DIRECTIONS FOR THIS TASK -> Repeat everything from the first line of the listing below through the line that contains "doc.layers.add('GRID', color=7, linetype='Continuous')", exactly. Leave out pictures.

ENTRIES SUPPLIED ->
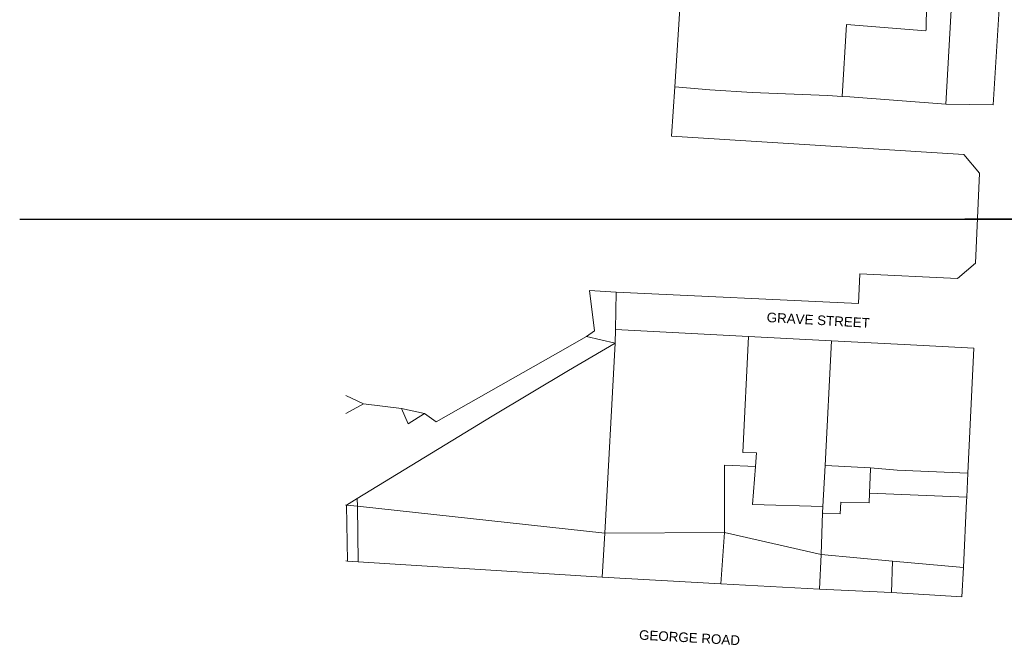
# Model space of a CAD drawing. Header units: millimetres. Extents: x -79464 to -76785, y -3788210 to -3782955.
# Tile 90 of 131: x -79265 to -79008, y -3784111 to -3783948. Entities that reach past the tile are written whole.
import ezdxf
from ezdxf.enums import TextEntityAlignment as Align

# ---------------------------------------------------------------- set-up
doc = ezdxf.new("R2010")
doc.units = ezdxf.units.MM
doc.header["$LTSCALE"] = 8
doc.header["$MEASUREMENT"] = 0
doc.layers.add('GRID', color=7, linetype='Continuous')
doc.layers.add('SG GIS CADASTRAL', color=7, linetype='Continuous')
doc.styles.add('ARIAL', font='arial.ttf')

msp = doc.modelspace()

# ---------------------------------------------------------------- linework, layer by layer
at = {"layer": 'GRID', "color": 3, "lineweight": 25}
msp.add_line((-78982, -3784000), (-79018, -3784000), dxfattribs=at)
at = {"layer": 'GRID', "color": 9}
msp.add_lwpolyline([(-79264.96, -3784000), (-77988.72, -3784000)], dxfattribs=at)
at = {"layer": 'SG GIS CADASTRAL', "color": 7, "lineweight": 18}
for p, q in [((-79093.82, -3783965.44), (-79090.4, -3783911.83)), ((-79008.34, -3783933.55), (-79010.61, -3783970.18)), ((-79021.27, -3783939.5), (-79022.97, -3783969.95)), ((-79028.15, -3783950.45), (-79028.01, -3783943.92)), ((-79050.09, -3783967.96), (-79048.93, -3783949.18)), ((-79048.93, -3783949.18), (-79028.17, -3783950.8)), ((-79028.17, -3783950.8), (-79028.15, -3783950.45)), ((-79093.82, -3783965.44), (-79094.63, -3783978.32)), ((-79084.59, -3783966.25), (-79093.82, -3783965.44)), ((-79073.61, -3783966.93), (-79084.59, -3783966.25)), ((-79053.88, -3783967.66), (-79073.61, -3783966.93)), ((-79050.09, -3783967.96), (-79053.88, -3783967.66)), ((-79048.06, -3783968.05), (-79050.09, -3783967.96)), ((-79022.97, -3783969.95), (-79048.06, -3783968.05)), ((-79010.61, -3783970.18), (-79022.97, -3783969.95)), ((-79094.63, -3783978.32), (-79018.25, -3783983.11)), ((-79018.25, -3783983.11), (-79014.15, -3783987.96)), ((-79014.15, -3783987.96), (-79015.24, -3784011.48)), ((-79015.24, -3784011.48), (-79019.91, -3784015.52)), ((-79045.46, -3784014.29), (-79045.77, -3784022.06)), ((-79019.91, -3784015.52), (-79045.46, -3784014.29)), ((-79109.14, -3784019.04), (-79116.05, -3784018.65)), ((-79116.05, -3784018.65), (-79114.77, -3784029.18)), ((-79109.14, -3784019.04), (-79109.24, -3784028.8)), ((-79045.77, -3784022.06), (-79109.14, -3784019.04)), ((-79114.77, -3784029.18), (-79116.88, -3784030.64)), ((-79109.24, -3784028.8), (-79109.39, -3784032.35)), ((-79109.24, -3784028.8), (-79074.55, -3784030.62)), ((-79116.88, -3784030.64), (-79124.95, -3784035.26)), ((-79109.39, -3784032.35), (-79116.88, -3784030.64)), ((-79074.55, -3784030.62), (-79076.05, -3784060.92)), ((-79074.55, -3784030.62), (-79052.88, -3784031.77)), ((-79052.88, -3784031.77), (-79054.48, -3784064.32)), ((-79052.88, -3784031.77), (-79033.88, -3784032.72)), ((-79121.6, -3784039.55), (-79109.39, -3784032.35)), ((-79109.39, -3784032.35), (-79112.11, -3784081.96)), ((-79033.88, -3784032.72), (-79015.61, -3784033.67)), ((-79015.61, -3784033.67), (-79017.18, -3784066.3)), ((-79124.95, -3784035.26), (-79156.15, -3784052.93)), ((-79141.5, -3784051.48), (-79121.6, -3784039.55)), ((-79175.09, -3784048.21), (-79179.77, -3784046.06)), ((-79175.09, -3784048.21), (-79179.77, -3784050.76)), ((-79165.22, -3784049.46), (-79175.09, -3784048.21)), ((-79163.43, -3784053.44), (-79165.22, -3784049.46)), ((-79159.21, -3784050.74), (-79165.22, -3784049.46)), ((-79176.82, -3784072.97), (-79141.5, -3784051.48)), ((-79159.21, -3784050.74), (-79163.43, -3784053.44)), ((-79156.15, -3784052.93), (-79159.21, -3784050.74)), ((-79076.05, -3784060.92), (-79072.46, -3784061)), ((-79072.46, -3784061), (-79072.7, -3784064.55)), ((-79080.76, -3784081.81), (-79080.82, -3784064.28)), ((-79080.82, -3784064.28), (-79072.7, -3784064.55)), ((-79072.7, -3784064.55), (-79073.45, -3784074.54)), ((-79055.07, -3784075.05), (-79054.48, -3784064.32)), ((-79054.48, -3784064.32), (-79054.43, -3784064.32)), ((-79054.43, -3784064.32), (-79042.67, -3784064.97)), ((-79042.67, -3784065.22), (-79042.88, -3784071.53)), ((-79035.72, -3784065.57), (-79042.67, -3784064.97)), ((-79042.67, -3784064.97), (-79042.67, -3784065.22)), ((-79017.18, -3784066.3), (-79035.72, -3784065.57)), ((-79017.18, -3784066.3), (-79017.5, -3784072.63)), ((-79179.59, -3784074.65), (-79176.82, -3784072.97)), ((-79176.82, -3784072.97), (-79176.71, -3784074.96)), ((-79042.96, -3784074.08), (-79042.88, -3784071.53)), ((-79042.88, -3784071.53), (-79017.5, -3784072.63)), ((-79017.5, -3784072.63), (-79017.58, -3784073.52)), ((-79179.77, -3784074.64), (-79179.59, -3784074.65)), ((-79179.59, -3784074.65), (-79179.77, -3784074.76)), ((-79179.59, -3784074.65), (-79179.27, -3784089.29)), ((-79176.71, -3784074.96), (-79179.59, -3784074.65)), ((-79176.71, -3784074.96), (-79176.5, -3784089.49)), ((-79112.11, -3784081.96), (-79176.71, -3784074.96)), ((-79073.45, -3784074.54), (-79055.07, -3784075.05)), ((-79055.07, -3784075.05), (-79055.16, -3784076.73)), ((-79050.54, -3784076.96), (-79050.41, -3784073.88)), ((-79050.41, -3784073.88), (-79042.96, -3784074.08)), ((-79017.58, -3784073.52), (-79018.36, -3784090.94)), ((-79055.16, -3784076.73), (-79055.54, -3784087.59)), ((-79055.16, -3784076.73), (-79055, -3784076.74)), ((-79055, -3784076.74), (-79050.54, -3784076.96)), ((-79112.11, -3784081.96), (-79112.75, -3784093.51)), ((-79080.76, -3784081.81), (-79112.11, -3784081.96)), ((-79081.76, -3784095.24), (-79080.76, -3784081.81)), ((-79080.76, -3784081.81), (-79055.54, -3784087.59)), ((-79055.54, -3784087.59), (-79056.02, -3784096.58)), ((-79036.9, -3784089.32), (-79055.54, -3784087.59)), ((-79179.27, -3784089.29), (-79179.77, -3784089.26)), ((-79176.5, -3784089.49), (-79179.27, -3784089.29)), ((-79112.75, -3784093.51), (-79176.5, -3784089.49)), ((-79036.9, -3784089.32), (-79037.2, -3784097.53)), ((-79018.36, -3784090.94), (-79036.9, -3784089.32)), ((-79018.36, -3784090.94), (-79018.76, -3784098.6)), ((-79081.76, -3784095.24), (-79112.75, -3784093.51)), ((-79056.02, -3784096.58), (-79081.76, -3784095.24)), ((-79037.2, -3784097.53), (-79056.02, -3784096.58)), ((-79018.76, -3784098.6), (-79037.2, -3784097.53))]:
    msp.add_line(p, q, dxfattribs=at)

# ---------------------------------------------------------------- texts
at = {"layer": 'SG GIS CADASTRAL', "color": 7, "lineweight": 18, "style": 'ARIAL'}
for s, p in [('GRAVE STREET', (-79069.87, -3784027.6)), ('GEORGE ROAD', (-79103.22, -3784110.53))]:
    msp.add_text(s, height=2.5, rotation=356.7889, dxfattribs=at).set_placement(p, align=Align.BOTTOM_LEFT)

doc.saveas('drawing.dxf')

WORKED SOLUTION ->
# Model space of a CAD drawing. Header units: millimetres. Extents: x -79464 to -76785, y -3788210 to -3782955.
# Tile 90 of 131: x -79265 to -79008, y -3784111 to -3783948. Entities that reach past the tile are written whole.
import ezdxf
from ezdxf.enums import TextEntityAlignment as Align

# ---------------------------------------------------------------- set-up
doc = ezdxf.new("R2010")
doc.units = ezdxf.units.MM
doc.header["$LTSCALE"] = 8
doc.header["$MEASUREMENT"] = 0
doc.layers.add('GRID', color=7, linetype='Continuous')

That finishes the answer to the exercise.